[Extracted records]
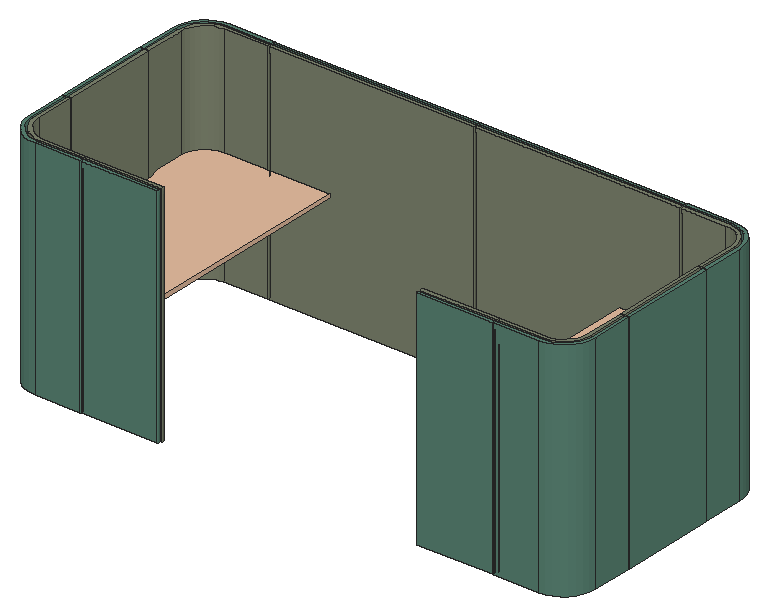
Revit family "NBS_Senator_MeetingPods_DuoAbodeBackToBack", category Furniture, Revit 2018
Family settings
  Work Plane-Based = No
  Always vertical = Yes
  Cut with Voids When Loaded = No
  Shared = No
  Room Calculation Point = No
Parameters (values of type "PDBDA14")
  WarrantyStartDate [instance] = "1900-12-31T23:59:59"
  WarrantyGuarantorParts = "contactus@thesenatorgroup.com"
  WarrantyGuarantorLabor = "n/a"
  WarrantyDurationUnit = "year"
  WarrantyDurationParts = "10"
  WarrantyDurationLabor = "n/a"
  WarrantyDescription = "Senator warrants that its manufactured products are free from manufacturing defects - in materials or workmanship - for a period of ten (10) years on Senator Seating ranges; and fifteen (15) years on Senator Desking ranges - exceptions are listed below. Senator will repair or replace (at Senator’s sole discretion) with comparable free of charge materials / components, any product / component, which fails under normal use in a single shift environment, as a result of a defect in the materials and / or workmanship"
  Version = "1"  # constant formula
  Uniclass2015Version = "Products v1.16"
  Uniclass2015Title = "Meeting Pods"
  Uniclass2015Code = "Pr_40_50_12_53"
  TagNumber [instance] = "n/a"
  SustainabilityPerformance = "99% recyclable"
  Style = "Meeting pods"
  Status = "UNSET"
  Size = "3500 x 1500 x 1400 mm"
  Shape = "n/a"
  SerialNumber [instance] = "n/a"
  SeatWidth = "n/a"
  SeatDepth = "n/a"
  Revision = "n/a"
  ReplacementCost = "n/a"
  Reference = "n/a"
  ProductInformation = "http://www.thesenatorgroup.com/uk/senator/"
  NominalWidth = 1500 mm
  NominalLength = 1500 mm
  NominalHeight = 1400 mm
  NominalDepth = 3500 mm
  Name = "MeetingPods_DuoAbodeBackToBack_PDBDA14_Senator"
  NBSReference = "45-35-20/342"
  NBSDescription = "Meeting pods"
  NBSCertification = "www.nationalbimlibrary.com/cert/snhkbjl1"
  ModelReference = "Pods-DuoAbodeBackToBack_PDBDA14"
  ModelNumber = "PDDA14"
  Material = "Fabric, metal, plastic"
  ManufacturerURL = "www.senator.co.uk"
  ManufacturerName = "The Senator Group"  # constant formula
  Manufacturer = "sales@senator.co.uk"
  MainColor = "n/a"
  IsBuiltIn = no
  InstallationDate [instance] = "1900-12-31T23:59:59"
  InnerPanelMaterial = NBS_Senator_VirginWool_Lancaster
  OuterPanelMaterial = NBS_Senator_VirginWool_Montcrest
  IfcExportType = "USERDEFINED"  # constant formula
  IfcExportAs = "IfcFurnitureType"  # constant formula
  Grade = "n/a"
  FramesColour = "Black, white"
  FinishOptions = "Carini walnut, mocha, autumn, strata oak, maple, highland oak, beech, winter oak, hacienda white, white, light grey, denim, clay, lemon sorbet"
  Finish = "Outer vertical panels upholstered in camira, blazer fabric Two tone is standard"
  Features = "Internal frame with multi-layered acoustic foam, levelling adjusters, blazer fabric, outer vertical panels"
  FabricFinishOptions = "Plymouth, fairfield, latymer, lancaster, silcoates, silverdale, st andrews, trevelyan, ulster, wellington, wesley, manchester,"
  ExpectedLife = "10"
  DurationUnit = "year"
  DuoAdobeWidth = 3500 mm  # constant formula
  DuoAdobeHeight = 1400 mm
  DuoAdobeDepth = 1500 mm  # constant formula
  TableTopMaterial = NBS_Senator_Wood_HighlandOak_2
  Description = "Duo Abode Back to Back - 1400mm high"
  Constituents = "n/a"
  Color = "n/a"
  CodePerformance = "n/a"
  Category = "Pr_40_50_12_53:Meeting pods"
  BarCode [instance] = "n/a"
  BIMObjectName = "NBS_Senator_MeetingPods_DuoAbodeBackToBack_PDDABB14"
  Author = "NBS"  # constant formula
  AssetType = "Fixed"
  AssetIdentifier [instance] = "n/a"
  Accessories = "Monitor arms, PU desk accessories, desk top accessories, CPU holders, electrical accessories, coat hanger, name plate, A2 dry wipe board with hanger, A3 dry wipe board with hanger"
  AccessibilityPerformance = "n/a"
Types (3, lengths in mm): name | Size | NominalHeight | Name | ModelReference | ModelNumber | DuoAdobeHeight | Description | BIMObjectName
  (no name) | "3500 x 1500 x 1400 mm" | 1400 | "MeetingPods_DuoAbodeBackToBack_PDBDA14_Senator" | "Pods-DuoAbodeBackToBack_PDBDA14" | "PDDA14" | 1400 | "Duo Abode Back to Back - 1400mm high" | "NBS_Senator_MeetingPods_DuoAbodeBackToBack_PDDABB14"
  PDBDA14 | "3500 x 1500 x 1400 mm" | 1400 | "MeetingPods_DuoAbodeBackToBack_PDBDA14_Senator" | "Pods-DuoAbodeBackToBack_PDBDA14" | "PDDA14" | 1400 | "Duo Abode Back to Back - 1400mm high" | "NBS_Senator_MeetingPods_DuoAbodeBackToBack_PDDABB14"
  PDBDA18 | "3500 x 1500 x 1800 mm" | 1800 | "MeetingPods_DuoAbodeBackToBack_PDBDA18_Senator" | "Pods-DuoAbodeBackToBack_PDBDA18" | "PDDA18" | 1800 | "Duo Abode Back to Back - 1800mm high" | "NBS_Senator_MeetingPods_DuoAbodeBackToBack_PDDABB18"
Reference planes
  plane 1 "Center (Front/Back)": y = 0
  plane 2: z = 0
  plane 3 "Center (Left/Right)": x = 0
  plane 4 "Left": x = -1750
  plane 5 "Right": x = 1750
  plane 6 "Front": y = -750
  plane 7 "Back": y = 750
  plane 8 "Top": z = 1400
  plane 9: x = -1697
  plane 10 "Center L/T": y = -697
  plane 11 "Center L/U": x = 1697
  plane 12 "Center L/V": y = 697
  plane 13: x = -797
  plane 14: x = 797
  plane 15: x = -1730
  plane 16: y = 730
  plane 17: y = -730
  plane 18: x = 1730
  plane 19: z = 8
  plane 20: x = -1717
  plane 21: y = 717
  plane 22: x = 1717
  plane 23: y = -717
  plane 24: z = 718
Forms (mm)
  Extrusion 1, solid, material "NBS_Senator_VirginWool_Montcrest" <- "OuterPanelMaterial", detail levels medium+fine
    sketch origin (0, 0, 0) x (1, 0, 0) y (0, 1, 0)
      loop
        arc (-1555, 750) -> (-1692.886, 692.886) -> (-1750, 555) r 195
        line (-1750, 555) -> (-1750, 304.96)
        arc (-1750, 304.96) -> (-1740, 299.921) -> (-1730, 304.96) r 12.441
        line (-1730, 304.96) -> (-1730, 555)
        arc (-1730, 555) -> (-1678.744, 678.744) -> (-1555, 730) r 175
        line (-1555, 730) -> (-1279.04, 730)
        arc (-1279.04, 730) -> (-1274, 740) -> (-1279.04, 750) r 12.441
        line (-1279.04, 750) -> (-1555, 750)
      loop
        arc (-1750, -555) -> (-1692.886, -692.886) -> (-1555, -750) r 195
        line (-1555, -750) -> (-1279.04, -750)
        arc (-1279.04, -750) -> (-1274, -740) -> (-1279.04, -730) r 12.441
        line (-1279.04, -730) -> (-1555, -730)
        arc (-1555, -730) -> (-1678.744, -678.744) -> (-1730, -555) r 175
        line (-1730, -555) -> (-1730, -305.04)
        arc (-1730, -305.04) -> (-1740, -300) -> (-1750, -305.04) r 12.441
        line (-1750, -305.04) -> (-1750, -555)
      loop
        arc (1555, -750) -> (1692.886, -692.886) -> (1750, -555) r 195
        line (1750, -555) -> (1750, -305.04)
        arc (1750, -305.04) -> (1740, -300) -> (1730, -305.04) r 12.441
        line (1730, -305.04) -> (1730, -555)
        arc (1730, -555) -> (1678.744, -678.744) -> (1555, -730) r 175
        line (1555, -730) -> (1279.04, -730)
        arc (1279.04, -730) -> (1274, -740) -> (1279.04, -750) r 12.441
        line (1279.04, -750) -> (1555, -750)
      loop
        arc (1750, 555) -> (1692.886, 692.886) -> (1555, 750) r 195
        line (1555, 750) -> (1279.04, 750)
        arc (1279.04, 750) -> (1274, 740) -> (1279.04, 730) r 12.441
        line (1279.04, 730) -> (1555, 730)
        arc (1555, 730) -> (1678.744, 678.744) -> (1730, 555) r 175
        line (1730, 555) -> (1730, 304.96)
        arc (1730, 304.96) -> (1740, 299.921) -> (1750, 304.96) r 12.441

Instructions to follow
Each line in the entries above that includes the string "Center" adds to the count; state that count only.

Solution for this task
5